Problem requirements
Omit the images and reproduce the rest of the entries exactly.

#### Dataset ####

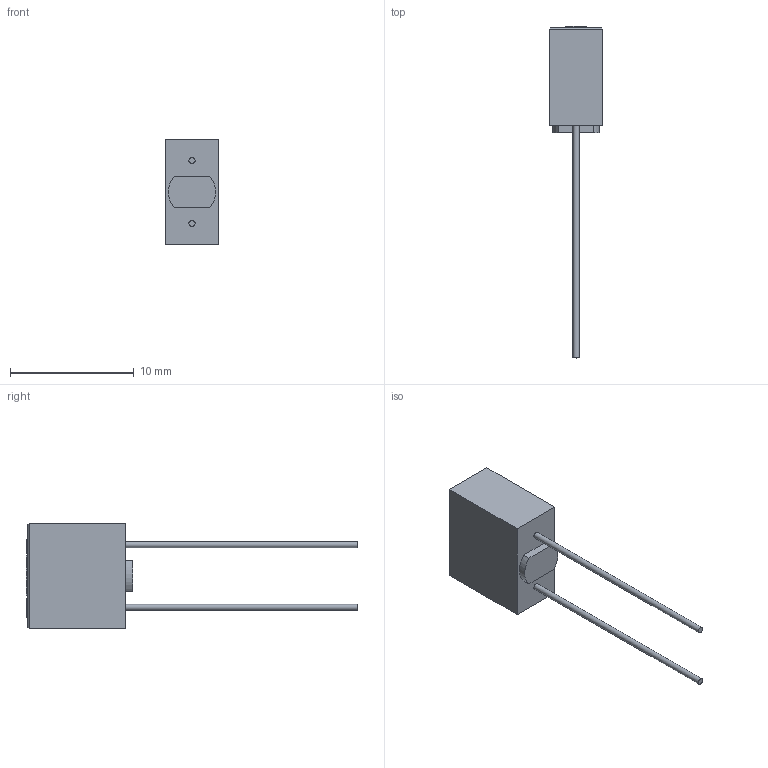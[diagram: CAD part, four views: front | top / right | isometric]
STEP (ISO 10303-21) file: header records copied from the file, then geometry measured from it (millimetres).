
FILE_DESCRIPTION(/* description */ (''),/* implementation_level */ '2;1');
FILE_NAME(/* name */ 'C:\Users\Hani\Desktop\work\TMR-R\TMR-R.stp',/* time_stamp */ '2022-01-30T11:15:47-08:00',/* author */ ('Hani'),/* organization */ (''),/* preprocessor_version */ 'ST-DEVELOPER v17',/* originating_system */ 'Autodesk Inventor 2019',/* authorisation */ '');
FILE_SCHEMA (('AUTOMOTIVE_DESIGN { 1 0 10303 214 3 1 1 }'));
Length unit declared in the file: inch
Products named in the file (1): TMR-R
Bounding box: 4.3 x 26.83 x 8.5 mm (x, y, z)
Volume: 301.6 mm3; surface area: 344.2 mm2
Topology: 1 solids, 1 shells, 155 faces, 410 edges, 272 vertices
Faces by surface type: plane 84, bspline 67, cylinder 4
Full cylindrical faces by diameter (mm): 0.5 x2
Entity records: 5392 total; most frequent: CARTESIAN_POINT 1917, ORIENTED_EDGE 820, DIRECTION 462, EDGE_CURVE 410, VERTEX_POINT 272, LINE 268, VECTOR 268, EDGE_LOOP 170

####

Exercise solution
[diagram: CAD part, four views: front | top / right | isometric]
STEP (ISO 10303-21) file: header records copied from the file, then geometry measured from it (millimetres).
FILE_DESCRIPTION(/* description */ (''),/* implementation_level */ '2;1');
FILE_NAME(/* name */ 'C:\Users\Hani\Desktop\work\TMR-R\TMR-R.stp',/* time_stamp */ '2022-01-30T11:15:47-08:00',/* author */ ('Hani'),/* organization */ (''),/* preprocessor_version */ 'ST-DEVELOPER v17',/* originating_system */ 'Autodesk Inventor 2019',/* authorisation */ '');
FILE_SCHEMA (('AUTOMOTIVE_DESIGN { 1 0 10303 214 3 1 1 }'));
Length unit declared in the file: inch
Products named in the file (1): TMR-R
Bounding box: 4.3 x 26.83 x 8.5 mm (x, y, z)
Volume: 301.6 mm3; surface area: 344.2 mm2
Topology: 1 solids, 1 shells, 155 faces, 410 edges, 272 vertices
Faces by surface type: plane 84, bspline 67, cylinder 4
Full cylindrical faces by diameter (mm): 0.5 x2
Entity records: 5392 total; most frequent: CARTESIAN_POINT 1917, ORIENTED_EDGE 820, DIRECTION 462, EDGE_CURVE 410, VERTEX_POINT 272, LINE 268, VECTOR 268, EDGE_LOOP 170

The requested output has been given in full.